(Saved entries)
────────
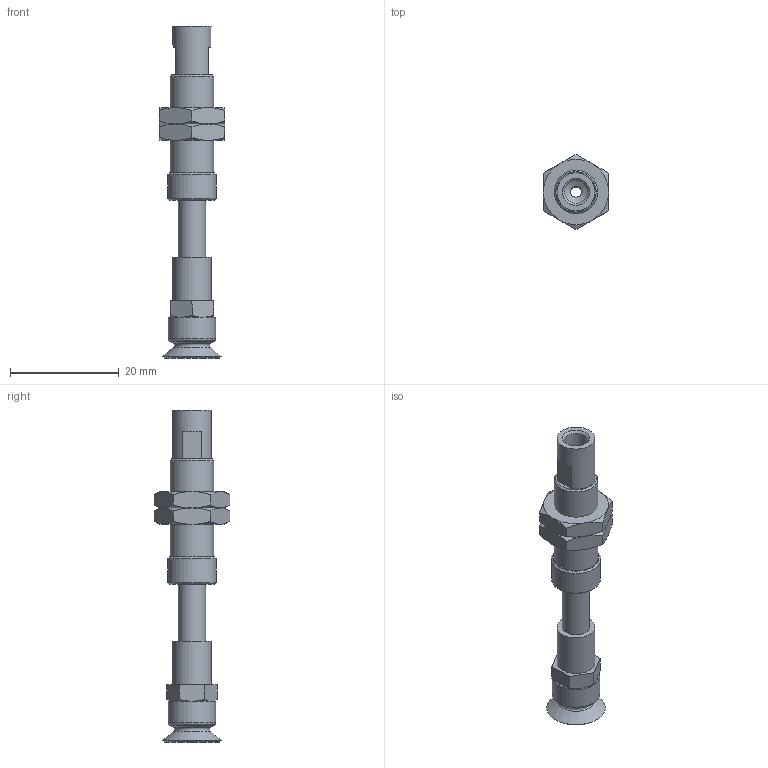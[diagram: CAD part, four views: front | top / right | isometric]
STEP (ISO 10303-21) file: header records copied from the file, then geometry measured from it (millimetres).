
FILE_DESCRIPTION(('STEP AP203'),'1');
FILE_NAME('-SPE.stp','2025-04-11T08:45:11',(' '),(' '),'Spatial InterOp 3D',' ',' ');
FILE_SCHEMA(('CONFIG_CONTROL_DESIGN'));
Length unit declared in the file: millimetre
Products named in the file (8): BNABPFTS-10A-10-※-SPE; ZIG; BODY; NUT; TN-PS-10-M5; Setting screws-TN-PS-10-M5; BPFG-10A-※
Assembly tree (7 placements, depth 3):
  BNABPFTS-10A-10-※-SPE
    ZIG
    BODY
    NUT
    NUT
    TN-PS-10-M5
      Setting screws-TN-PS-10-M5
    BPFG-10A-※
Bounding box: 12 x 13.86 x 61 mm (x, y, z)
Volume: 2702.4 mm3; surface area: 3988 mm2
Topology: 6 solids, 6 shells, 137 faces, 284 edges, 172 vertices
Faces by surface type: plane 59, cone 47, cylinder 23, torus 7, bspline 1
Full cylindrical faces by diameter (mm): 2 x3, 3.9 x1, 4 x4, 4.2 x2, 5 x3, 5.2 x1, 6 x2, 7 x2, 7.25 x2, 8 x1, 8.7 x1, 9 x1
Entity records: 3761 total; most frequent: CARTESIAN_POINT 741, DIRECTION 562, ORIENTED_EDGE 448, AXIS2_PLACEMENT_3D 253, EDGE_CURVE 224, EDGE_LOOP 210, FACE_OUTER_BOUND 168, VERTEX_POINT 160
────────
◆ Problem details
When an image appears in the data, skip it and output the rest exactly.

◆ Exercise response
[diagram: CAD part, four views: front | top / right | isometric]
STEP (ISO 10303-21) file: header records copied from the file, then geometry measured from it (millimetres).
FILE_DESCRIPTION(('STEP AP203'),'1');
FILE_NAME('-SPE.stp','2025-04-11T08:45:11',(' '),(' '),'Spatial InterOp 3D',' ',' ');
FILE_SCHEMA(('CONFIG_CONTROL_DESIGN'));
Length unit declared in the file: millimetre
Products named in the file (8): BNABPFTS-10A-10-※-SPE; ZIG; BODY; NUT; TN-PS-10-M5; Setting screws-TN-PS-10-M5; BPFG-10A-※
Assembly tree (7 placements, depth 3):
  BNABPFTS-10A-10-※-SPE
    ZIG
    BODY
    NUT
    NUT
    TN-PS-10-M5
      Setting screws-TN-PS-10-M5
    BPFG-10A-※
Bounding box: 12 x 13.86 x 61 mm (x, y, z)
Volume: 2702.4 mm3; surface area: 3988 mm2
Topology: 6 solids, 6 shells, 137 faces, 284 edges, 172 vertices
Faces by surface type: plane 59, cone 47, cylinder 23, torus 7, bspline 1
Full cylindrical faces by diameter (mm): 2 x3, 3.9 x1, 4 x4, 4.2 x2, 5 x3, 5.2 x1, 6 x2, 7 x2, 7.25 x2, 8 x1, 8.7 x1, 9 x1
Entity records: 3761 total; most frequent: CARTESIAN_POINT 741, DIRECTION 562, ORIENTED_EDGE 448, AXIS2_PLACEMENT_3D 253, EDGE_CURVE 224, EDGE_LOOP 210, FACE_OUTER_BOUND 168, VERTEX_POINT 160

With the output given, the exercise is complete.